What Nobody Is Doing (Yet)
There is no production prompt-rewriting proxy that uses a cheap LLM to normalize user input before forwarding to an expensive model. The idea surfaces in discussions but fails on latency and cost arithmetic:
- The rewrite model consumes tokens and adds latency
- The canonical form must be reused many times to amortize the rewrite cost
- In single-turn chat, every user message is unique — no reuse possible
- In multi-turn conversations, the conversation history is the dynamic tail and cannot be meaningfully "normalized" without changing its content
The one place this math works: batch processing. If 10,000 prompts share identical instructions but differ only in a single data field, normalizing them into an identical prefix structure before batching makes sense. Several RAG pipelines do this implicitly by separating document context from query text in a fixed template.
Getting Started
To maximize cache hit rates in an existing agent:
-
Audit your prefix. Log the first 2,048 tokens of every request. If the prefix changes across turns, find what is changing and why.
-
Freeze the system prompt. No per-turn injection. No dynamic dates. No user-specific preamble. The system block is immutable for the session duration.
-
Order messages append-only. Never rewrite earlier messages. New tool results, assistant responses, and user input are appended to the end.
-
Stabilize tool definitions. Load them once at session start and never mutate them. If you need different tools for different turns, you need different sessions.
-
Monitor cache hit rate. Every major provider's API response includes
cached_tokensin usage details. Track it. A sub-50% hit rate for a mature agent means the prefix is unstable. -
Pad if necessary. If your stable prefix is under 1,024 tokens, add a static reference document or style guide to push it over the threshold. The extra tokens are cheaper than a 0% cache rate.

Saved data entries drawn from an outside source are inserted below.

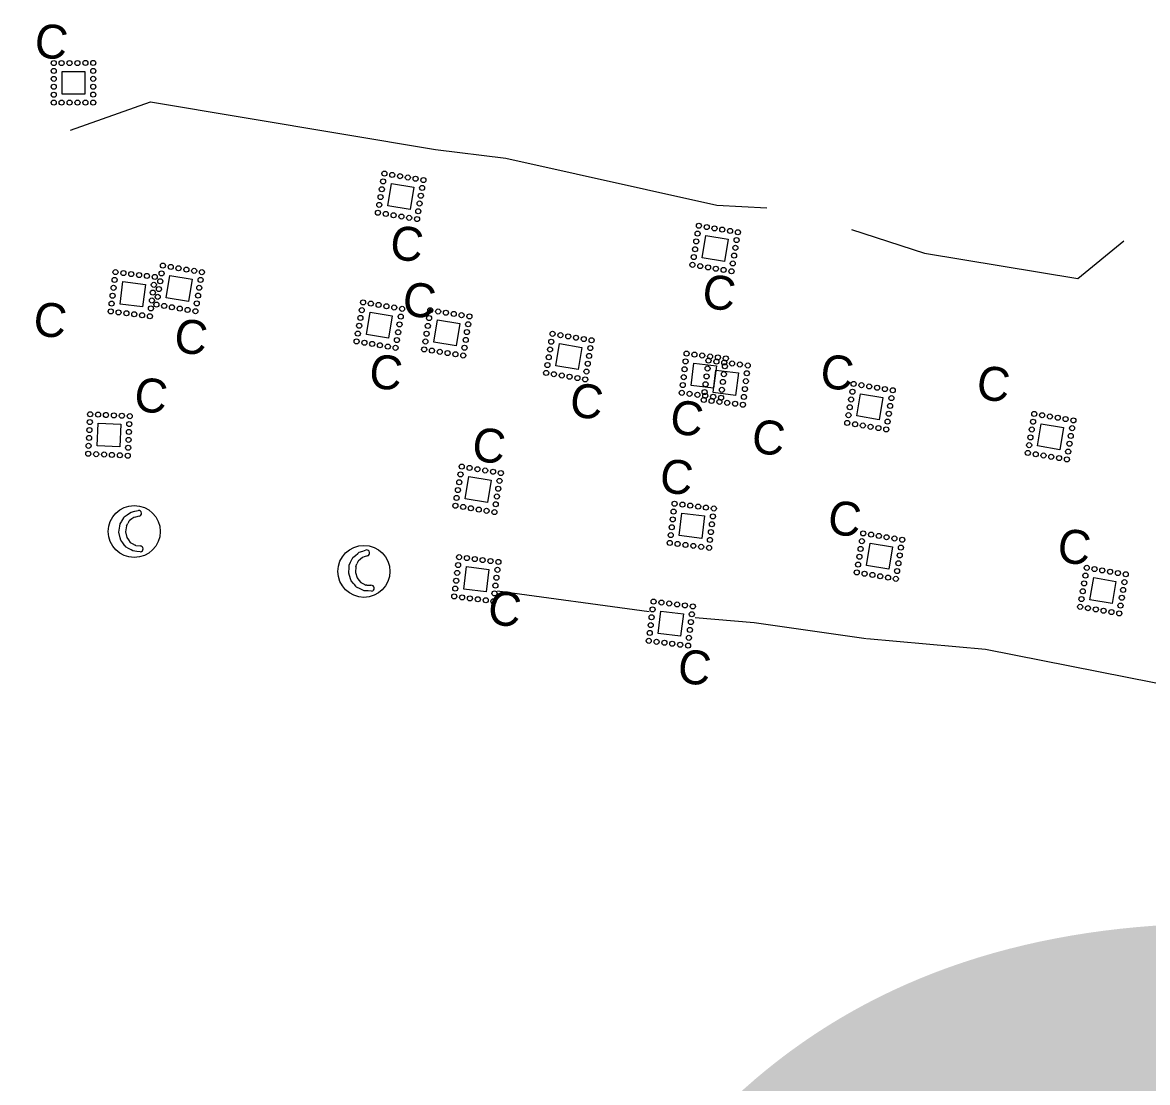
# Model space of a CAD drawing. Extents: x 2470000 to 2520000, y 340000 to 380000.
# Drawn here: x 2483983.6 to 2484481.2, y 365444.5 to 365913.2 of the extents above; entities that cross this region are included whole.
import ezdxf

# ---------------------------------------------------------------- set-up
doc = ezdxf.new("R2010")
doc.units = 0
for name, color, linetype in [('Coir Fiber Wattle with PAM Both CELL', 7, 'Continuous'), ('Prop Guardrail', 7, 'Continuous'), ('Prop Guardrail Anchor Unit CELL', 7, 'Continuous'), ('Prop Structure Anchor Unit CELL', 7, 'Continuous'), ('Rock Inlet Sediment Trap Type C CG CELL', 7, 'Continuous'), ('Scratch_Level_5', 7, 'Continuous'), ('Scratch_Level_6', 7, 'Continuous'), ('Sheet Data Field CELL', 7, 'Continuous')]:
    doc.layers.add(name, color=color, linetype=linetype)

# ---------------------------------------------------------------- blocks, each defined once
blk = doc.blocks.new('C3')
at = {"layer": 'Prop Guardrail'}
blk.add_text('C', height=0.3, dxfattribs=at).set_placement((-0.161, -0.136))
blk = doc.blocks.new('C2')
at = {"layer": 'Prop Guardrail Anchor Unit CELL'}
blk.add_text('C', height=0.3, dxfattribs=at).set_placement((-0.161, -0.136))

msp = doc.modelspace()

# ---------------------------------------------------------------- linework, layer by layer
at = {"layer": 'Coir Fiber Wattle with PAM Both CELL'}
for p, q in [((2484030.67, 365692.63), (2484030.13, 365691.66)), ((2484030.67, 365692.63), (2484030.79, 365692.84)), ((2484031.96, 365693.69), (2484030.79, 365692.84)), ((2484032.85, 365694.34), (2484031.96, 365693.69)), ((2484033.63, 365694.52), (2484032.85, 365694.34)), ((2484035.14, 365694.86), (2484033.63, 365694.52)), ((2484029.55, 365690.62), (2484029.21, 365688.01)), ((2484029.21, 365688), (2484029.21, 365688.01)), ((2484029.21, 365688), (2484029.75, 365685.52)), ((2484029.55, 365690.62), (2484030.13, 365691.66)), ((2484029.75, 365685.52), (2484030.43, 365684.53)), ((2484030.43, 365684.53), (2484031.25, 365683.33)), ((2484031.25, 365683.33), (2484032.13, 365682.82)), ((2484032.13, 365682.82), (2484033.41, 365682.07)), ((2484033.74, 365682.03), (2484033.41, 365682.07)), ((2484033.74, 365682.03), (2484035.58, 365681.76)), ((2484136.19, 365677.38), (2484134.71, 365676.91)), ((2484130.96, 365672.7), (2484130.83, 365670.08)), ((2484130.96, 365672.7), (2484131.46, 365673.79)), ((2484131.92, 365674.8), (2484131.46, 365673.79)), ((2484131.92, 365674.8), (2484132.02, 365675.01)), ((2484133.12, 365675.96), (2484132.02, 365675.01)), ((2484133.96, 365676.67), (2484133.12, 365675.96)), ((2484134.71, 365676.91), (2484133.96, 365676.67)), ((2484130.83, 365670.07), (2484130.83, 365670.08)), ((2484130.83, 365670.07), (2484131.57, 365667.63)), ((2484131.57, 365667.63), (2484132.32, 365666.7)), ((2484132.32, 365666.7), (2484133.24, 365665.58)), ((2484133.24, 365665.58), (2484134.16, 365665.13)), ((2484134.16, 365665.13), (2484135.5, 365664.49)), ((2484135.83, 365664.47), (2484135.5, 365664.49)), ((2484135.83, 365664.47), (2484137.69, 365664.36))]:
    msp.add_line(p, q, dxfattribs=at)
for points in [[(2484035.7, 365679.17), (2484034.16, 365679.37), (2484032.35, 365679.6), (2484031.63, 365680.01), (2484030.75, 365680.52), (2484029.2, 365681.42), (2484029.18, 365681.45), (2484028.92, 365681.81), (2484028.87, 365681.87), (2484028.31, 365682.64), (2484027.93, 365683.18), (2484027.07, 365684.37), (2484026.83, 365685.39), (2484026.24, 365687.87), (2484026.24, 365687.88), (2484026.61, 365690.49), (2484026.76, 365691.51), (2484027.34, 365692.48), (2484027.46, 365692.68), (2484027.96, 365693.51), (2484028.33, 365694.13), (2484028.42, 365694.28), (2484028.61, 365694.6), (2484028.62, 365694.6), (2484029.85, 365695.48), (2484030.94, 365696.25), (2484031.6, 365696.72), (2484033.31, 365697.14), (2484034.81, 365697.5)], [(2484138.01, 365661.78), (2484136.46, 365661.85), (2484134.64, 365661.94), (2484133.88, 365662.3), (2484132.97, 365662.73), (2484131.35, 365663.5), (2484131.32, 365663.53), (2484131.04, 365663.87), (2484130.99, 365663.92), (2484130.37, 365664.65), (2484129.94, 365665.16), (2484128.99, 365666.28), (2484128.67, 365667.27), (2484127.88, 365669.69), (2484127.88, 365669.7), (2484128.05, 365672.34), (2484128.11, 365673.36), (2484128.61, 365674.38), (2484128.72, 365674.59), (2484129.14, 365675.45), (2484129.47, 365676.11), (2484129.55, 365676.26), (2484129.71, 365676.59), (2484129.71, 365676.6), (2484130.87, 365677.57), (2484131.9, 365678.43), (2484132.52, 365678.95), (2484134.19, 365679.5), (2484135.66, 365679.98)]]:
    msp.add_lwpolyline(points, dxfattribs=at)
for centre in [(2484033, 365688.16), (2484134.6, 365670.53)]:
    msp.add_circle(centre, 11.5, dxfattribs=at)
for centre, radius, start, end in [((2484034.88, 365696.17), 1.33, 281.499, 92.6117), ((2484035.64, 365680.47), 1.3, 272.6117, 92.6117), ((2484135.83, 365678.66), 1.33, 286.0906, 97.2032), ((2484137.85, 365663.07), 1.3, 277.2032, 97.2032)]:
    msp.add_arc(centre, radius, start, end, dxfattribs=at)
at = {"layer": 'Prop Structure Anchor Unit CELL'}
for points in [[(2484027.99, 365798.65), (2484037.92, 365797.43), (2484036.7, 365787.51), (2484026.78, 365788.74)], [(2484017.09, 365736.07), (2484027.08, 365735.58), (2484026.59, 365725.59), (2484016.6, 365726.09)], [(2484275.29, 365696.25), (2484285.21, 365695.03), (2484284, 365685.1), (2484274.07, 365686.34)], [(2484358.55, 365683.01), (2484368.42, 365681.38), (2484366.79, 365671.52), (2484356.92, 365673.16)], [(2484179.96, 365672.61), (2484189.89, 365671.39), (2484188.67, 365661.46), (2484178.75, 365662.69)], [(2484457.39, 365667.76), (2484467.26, 365666.11), (2484465.61, 365656.25), (2484455.75, 365657.9)], [(2484265.99, 365652.97), (2484275.92, 365651.75), (2484274.7, 365641.83), (2484264.77, 365643.06)]]:
    msp.add_lwpolyline(points, close=True, dxfattribs=at)
for centre in [(2484024.72, 365802.85), (2484028.2, 365802.42), (2484031.67, 365802), (2484035.14, 365801.57), (2484038.62, 365801.14), (2484042.09, 365800.72), (2484023.87, 365795.9), (2484024.3, 365799.38), (2484041.67, 365797.24), (2484023.44, 365792.43), (2484041.24, 365793.77), (2484023.02, 365788.95), (2484040.39, 365786.82), (2484040.81, 365790.29), (2484022.59, 365785.48), (2484026.06, 365785.05), (2484029.54, 365784.63), (2484033.01, 365784.2), (2484036.48, 365783.77), (2484039.96, 365783.35), (2484013.35, 365736.52), (2484013.52, 365740.01), (2484017.02, 365739.84), (2484020.51, 365739.67), (2484024.01, 365739.5), (2484027.51, 365739.33), (2484031, 365739.16), (2484013.18, 365733.02), (2484030.66, 365732.16), (2484030.83, 365735.66), (2484012.84, 365726.03), (2484013.01, 365729.53), (2484030.49, 365728.67), (2484012.66, 365722.53), (2484016.16, 365722.36), (2484019.66, 365722.19), (2484023.15, 365722.02), (2484026.65, 365721.85), (2484030.14, 365721.68), (2484030.32, 365725.17), (2484271.59, 365696.97), (2484272.02, 365700.45), (2484275.49, 365700.02), (2484278.97, 365699.59), (2484282.44, 365699.17), (2484285.91, 365698.74), (2484289.39, 365698.31), (2484271.17, 365693.5), (2484288.54, 365691.37), (2484288.96, 365694.84), (2484270.31, 365686.55), (2484270.74, 365690.03), (2484288.11, 365687.89), (2484355.45, 365687.34), (2484358.91, 365686.77), (2484362.36, 365686.2), (2484269.89, 365683.08), (2484273.36, 365682.65), (2484276.83, 365682.22), (2484280.31, 365681.8), (2484283.78, 365681.37), (2484287.68, 365684.42), (2484354.88, 365683.89), (2484365.81, 365685.63), (2484369.27, 365685.06), (2484372.72, 365684.49), (2484176.69, 365676.81), (2484180.17, 365676.38), (2484287.26, 365680.94), (2484353.75, 365676.98), (2484354.31, 365680.43), (2484371.58, 365677.59), (2484372.15, 365681.04), (2484176.27, 365673.33), (2484183.64, 365675.95), (2484187.12, 365675.52), (2484190.59, 365675.1), (2484194.06, 365674.67), (2484353.18, 365673.53), (2484371.01, 365674.13), (2484454.31, 365672.09), (2484457.76, 365671.52), (2484175.41, 365666.38), (2484175.84, 365669.86), (2484193.21, 365667.72), (2484193.64, 365671.2), (2484352.61, 365670.07), (2484356.06, 365669.5), (2484359.51, 365668.93), (2484362.97, 365668.36), (2484366.42, 365667.79), (2484369.87, 365667.23), (2484370.44, 365670.68), (2484453.73, 365668.64), (2484461.21, 365670.94), (2484464.66, 365670.37), (2484468.12, 365669.79), (2484471.57, 365669.22), (2484174.99, 365662.91), (2484192.78, 365664.25), (2484452.58, 365661.73), (2484453.16, 365665.19), (2484470.42, 365662.31), (2484470.99, 365665.76), (2484174.56, 365659.44), (2484178.04, 365659.01), (2484181.51, 365658.58), (2484184.98, 365658.16), (2484188.46, 365657.73), (2484191.93, 365657.3), (2484192.36, 365660.78), (2484262.72, 365657.17), (2484266.19, 365656.74), (2484269.67, 365656.32), (2484452.01, 365658.28), (2484469.84, 365658.86), (2484262.29, 365653.69), (2484273.14, 365655.89), (2484276.62, 365655.46), (2484279.66, 365651.56), (2484280.09, 365655.04), (2484451.43, 365654.83), (2484454.88, 365654.25), (2484458.34, 365653.68), (2484461.79, 365653.1), (2484465.24, 365652.53), (2484468.69, 365651.95), (2484469.27, 365655.41), (2484261.44, 365646.75), (2484261.87, 365650.22), (2484279.24, 365648.09), (2484261.01, 365643.27), (2484278.81, 365644.61), (2484260.59, 365639.8), (2484264.06, 365639.37), (2484267.53, 365638.95), (2484271.01, 365638.52), (2484274.48, 365638.09), (2484277.96, 365637.67), (2484278.38, 365641.14)]:
    msp.add_circle(centre, 1.12, dxfattribs=at)
at = {"layer": 'Scratch_Level_5'}
for points in [[(2484001.14, 365891.55), (2484011.14, 365891.56), (2484011.15, 365881.56), (2484001.15, 365881.56)], [(2484146.75, 365842.08), (2484156.62, 365840.45), (2484154.99, 365830.58), (2484145.13, 365832.22)], [(2484285.85, 365819.01), (2484295.72, 365817.38), (2484294.09, 365807.52), (2484284.23, 365809.16)], [(2484048.77, 365801.39), (2484058.64, 365799.73), (2484056.98, 365789.87), (2484047.12, 365791.54)], [(2484137.29, 365785.15), (2484147.16, 365783.52), (2484145.53, 365773.65), (2484135.67, 365775.29)], [(2484167.09, 365781.68), (2484176.97, 365780.12), (2484175.42, 365770.25), (2484165.54, 365771.81)], [(2484221.15, 365771.22), (2484231.01, 365769.59), (2484229.39, 365759.73), (2484219.52, 365761.36)], [(2484280.59, 365762.63), (2484290.51, 365761.41), (2484289.29, 365751.48), (2484279.37, 365752.71)], [(2484290.3, 365759.51), (2484300.23, 365758.29), (2484299.01, 365748.36), (2484289.08, 365749.59)], [(2484354.32, 365749.1), (2484364.19, 365747.47), (2484362.56, 365737.6), (2484352.7, 365739.24)], [(2484434.23, 365735.82), (2484444.09, 365734.2), (2484442.47, 365724.33), (2484432.6, 365725.97)], [(2484180.98, 365712.51), (2484190.85, 365710.88), (2484189.22, 365701.01), (2484179.36, 365702.65)]]:
    msp.add_lwpolyline(points, close=True, dxfattribs=at)
for centre in [(2483997.38, 365895.31), (2484000.88, 365895.32), (2484004.38, 365895.32), (2484007.88, 365895.32), (2484011.38, 365895.33), (2484014.88, 365895.33), (2483997.38, 365891.81), (2484014.88, 365891.83), (2483997.39, 365888.31), (2484014.89, 365888.33), (2483997.39, 365884.81), (2483997.39, 365881.31), (2484014.89, 365884.83), (2484014.89, 365881.33), (2483997.4, 365877.81), (2484000.9, 365877.82), (2484004.4, 365877.82), (2484007.9, 365877.82), (2484011.4, 365877.83), (2484014.9, 365877.83), (2484143.66, 365846.41), (2484147.11, 365845.84), (2484143.09, 365842.95), (2484150.56, 365845.27), (2484154.02, 365844.7), (2484157.47, 365844.13), (2484160.92, 365843.56), (2484141.95, 365836.04), (2484142.52, 365839.5), (2484159.78, 365836.65), (2484160.35, 365840.1), (2484141.38, 365832.59), (2484159.22, 365833.2), (2484140.81, 365829.14), (2484144.26, 365828.57), (2484147.72, 365828), (2484151.17, 365827.43), (2484154.62, 365826.86), (2484158.08, 365826.29), (2484158.65, 365829.74), (2484282.76, 365823.34), (2484286.21, 365822.77), (2484289.66, 365822.2), (2484293.12, 365821.63), (2484296.57, 365821.06), (2484281.62, 365816.43), (2484282.19, 365819.89), (2484299.45, 365817.04), (2484300.02, 365820.49), (2484281.05, 365812.98), (2484298.89, 365813.59), (2484045.69, 365805.73), (2484279.91, 365806.07), (2484280.48, 365809.53), (2484297.75, 365806.68), (2484298.32, 365810.13), (2484045.11, 365802.27), (2484049.14, 365805.15), (2484052.59, 365804.57), (2484056.05, 365803.99), (2484059.5, 365803.41), (2484062.95, 365802.83), (2484283.36, 365805.5), (2484286.82, 365804.93), (2484290.27, 365804.37), (2484293.72, 365803.8), (2484297.18, 365803.23), (2484044.53, 365798.82), (2484061.79, 365795.92), (2484062.37, 365799.38), (2484043.37, 365791.92), (2484043.95, 365795.37), (2484061.21, 365792.47), (2484042.79, 365788.47), (2484046.25, 365787.89), (2484049.7, 365787.31), (2484053.15, 365786.73), (2484056.6, 365786.15), (2484060.63, 365789.02), (2484133.63, 365786.02), (2484134.2, 365789.48), (2484137.65, 365788.91), (2484141.11, 365788.34), (2484144.56, 365787.77), (2484148.01, 365787.2), (2484151.47, 365786.63), (2484163.97, 365785.99), (2484060.05, 365785.57), (2484133.06, 365782.57), (2484150.9, 365783.18), (2484163.42, 365782.53), (2484167.43, 365785.44), (2484170.88, 365784.9), (2484174.34, 365784.35), (2484177.8, 365783.81), (2484181.26, 365783.26), (2484132.49, 365779.12), (2484149.76, 365776.27), (2484150.33, 365779.72), (2484162.88, 365779.07), (2484180.17, 365776.35), (2484180.71, 365779.81), (2484131.35, 365772.21), (2484131.92, 365775.66), (2484134.81, 365771.64), (2484138.26, 365771.07), (2484149.19, 365772.82), (2484161.79, 365772.16), (2484162.33, 365775.62), (2484179.62, 365772.89), (2484217.48, 365772.09), (2484218.05, 365775.55), (2484221.5, 365774.98), (2484224.96, 365774.41), (2484228.41, 365773.84), (2484231.86, 365773.27), (2484235.32, 365772.7), (2484141.71, 365770.5), (2484145.17, 365769.93), (2484148.62, 365769.36), (2484161.24, 365768.7), (2484164.7, 365768.16), (2484168.16, 365767.61), (2484171.62, 365767.07), (2484175.07, 365766.52), (2484178.53, 365765.98), (2484179.08, 365769.43), (2484216.91, 365768.64), (2484234.18, 365765.79), (2484234.75, 365769.25), (2484277.32, 365766.83), (2484280.79, 365766.4), (2484284.27, 365765.97), (2484215.77, 365761.73), (2484216.34, 365765.19), (2484233.61, 365762.34), (2484276.89, 365763.35), (2484287.03, 365763.71), (2484287.74, 365765.55), (2484290.5, 365763.28), (2484291.21, 365765.12), (2484293.98, 365762.85), (2484294.26, 365761.22), (2484294.69, 365764.69), (2484297.45, 365762.43), (2484300.93, 365762), (2484304.4, 365761.57), (2484215.2, 365758.28), (2484218.66, 365757.71), (2484222.11, 365757.14), (2484225.56, 365756.57), (2484229.02, 365756), (2484233.04, 365758.89), (2484276.04, 365756.4), (2484276.46, 365759.88), (2484286.18, 365756.76), (2484286.6, 365760.23), (2484293.83, 365757.74), (2484303.97, 365758.1), (2484232.47, 365755.43), (2484275.61, 365752.93), (2484285.75, 365753.28), (2484293.41, 365754.27), (2484303.12, 365751.15), (2484303.55, 365754.62), (2484351.23, 365753.43), (2484354.68, 365752.86), (2484358.13, 365752.29), (2484361.59, 365751.72), (2484365.04, 365751.15), (2484275.18, 365749.46), (2484278.66, 365749.03), (2484282.13, 365748.6), (2484284.9, 365746.34), (2484285.32, 365749.81), (2484285.61, 365748.18), (2484288.37, 365745.91), (2484289.08, 365747.75), (2484292.55, 365747.32), (2484292.98, 365750.8), (2484302.69, 365747.68), (2484350.09, 365746.52), (2484350.66, 365749.97), (2484367.92, 365747.13), (2484368.49, 365750.58), (2484291.84, 365745.48), (2484295.32, 365745.06), (2484298.79, 365744.63), (2484302.27, 365744.2), (2484349.52, 365743.07), (2484367.35, 365743.67), (2484348.38, 365736.16), (2484348.95, 365739.61), (2484366.22, 365736.77), (2484366.78, 365740.22), (2484430.56, 365736.7), (2484431.13, 365740.15), (2484434.59, 365739.58), (2484438.04, 365739.01), (2484441.49, 365738.44), (2484444.95, 365737.88), (2484448.4, 365737.31), (2484351.83, 365735.59), (2484355.29, 365735.02), (2484358.74, 365734.45), (2484362.19, 365733.88), (2484365.65, 365733.31), (2484429.99, 365733.25), (2484447.83, 365733.85), (2484428.85, 365726.34), (2484429.42, 365729.79), (2484446.69, 365726.95), (2484447.26, 365730.4), (2484428.28, 365722.89), (2484431.74, 365722.32), (2484435.19, 365721.75), (2484438.65, 365721.18), (2484446.12, 365723.49), (2484177.89, 365716.84), (2484181.34, 365716.27), (2484442.1, 365720.61), (2484445.55, 365720.04), (2484177.32, 365713.38), (2484184.79, 365715.7), (2484188.25, 365715.13), (2484191.7, 365714.56), (2484195.15, 365713.99), (2484176.18, 365706.48), (2484176.75, 365709.93), (2484194.02, 365707.08), (2484194.58, 365710.54), (2484175.61, 365703.02), (2484193.45, 365703.63), (2484175.04, 365699.57), (2484178.49, 365699), (2484181.95, 365698.43), (2484185.4, 365697.86), (2484188.85, 365697.29), (2484192.31, 365696.72), (2484192.88, 365700.17)]:
    msp.add_circle(centre, 1.12, dxfattribs=at)
at = {"layer": 'Sheet Data Field CELL'}
for p, q in [((2484260.83, 365652.65), (2484193.65, 365661.76)), ((2484281.1, 365650.16), (2484307.16, 365647.87)), ((2484307.23, 365647.86), (2484356.75, 365640.88))]:
    msp.add_line(p, q, dxfattribs=at)
for points in [[(2484004.77, 365865.58), (2484040.26, 365878.2), (2484166.27, 365857.06)], [(2484166.27, 365857.06), (2484197.44, 365853.18), (2484290.76, 365832.48), (2484312.83, 365831.32)], [(2484350.33, 365821.74), (2484382.58, 365811.22), (2484450.41, 365800.05), (2484470.77, 365816.71)], [(2484357.04, 365640.85), (2484409.56, 365636.12), (2484584.1, 365601.56)]]:
    msp.add_lwpolyline(points, dxfattribs=at)

# ---------------------------------------------------------------- block references
at = {"layer": 'Prop Structure Anchor Unit CELL', "xscale": 50.00000000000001, "yscale": 49.99999999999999, "rotation": -6.997703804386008}
for p in [(2483996.58, 365780.92), (2484041.18, 365747.51)]:
    msp.add_blockref('C2', p, dxfattribs=at)
at = {"layer": 'Rock Inlet Sediment Trap Type C CG CELL', "xscale": 50.00000000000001, "yscale": 49.99999999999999, "rotation": -6.997703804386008}
for p in [(2484273.66, 365711.53), (2484348.03, 365693.07), (2484449.59, 365680.6), (2484197.65, 365653.21), (2484281.61, 365627.31)]:
    msp.add_blockref('C2', p, dxfattribs=at)
at = {"layer": 'Scratch_Level_5', "xscale": 49.99999999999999, "yscale": 50.00000000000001, "rotation": -6.997703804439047}
for p in [(2483997.09, 365904.02), (2484154.36, 365814.63), (2484292.48, 365792.99), (2484159.89, 365789.69), (2484058.86, 365773.43), (2484145.09, 365757.79), (2484344.68, 365757.73), (2484413.83, 365752.68), (2484233.89, 365745), (2484278.21, 365737.49), (2484314.34, 365728.95), (2484190.67, 365725.37)]:
    msp.add_blockref('C3', p, dxfattribs=at)

# ---------------------------------------------------------------- texts
at = {"layer": 'Scratch_Level_6'}
msp.add_text('4386', height=1000, dxfattribs=at).set_placement((2483403.76, 364500))

doc.saveas('drawing.dxf')

This is not an AI problem. It is a structural engineering problem solved by convention and enforced by discipline. The teams getting 90% cache hit rates are not using smarter models — they are using dumber, more deterministic prompts.
[^1]: OpenAI. "Prompt Caching 201." OpenAI Cookbook. 2025.
[^2]: Mager, Dan. "Claude: How Prompt Caching Actually Works." Mager.co. April 29, 2026.
[^3]: OpenAI. "Prompt Caching." OpenAI API Docs. 2025.
[^4]: @trq212. "One of the biggest realizations I've had working on Claude Code is that you fundamentally have to design agents for prompt caching first." X. 2026.
[^5]: LiteLLM. "Auto-Inject Prompt Caching Checkpoints." LiteLLM Docs. 2025.
[^6]: Prasanna, Vijit. "Prompt Caching, LiteLLM, and the 8600-Token Bug." LinkedIn. 2025.
[^7]: Portkey. "OpenAI's Prompt Caching: A Deep Dive." Portkey Blog. 2025.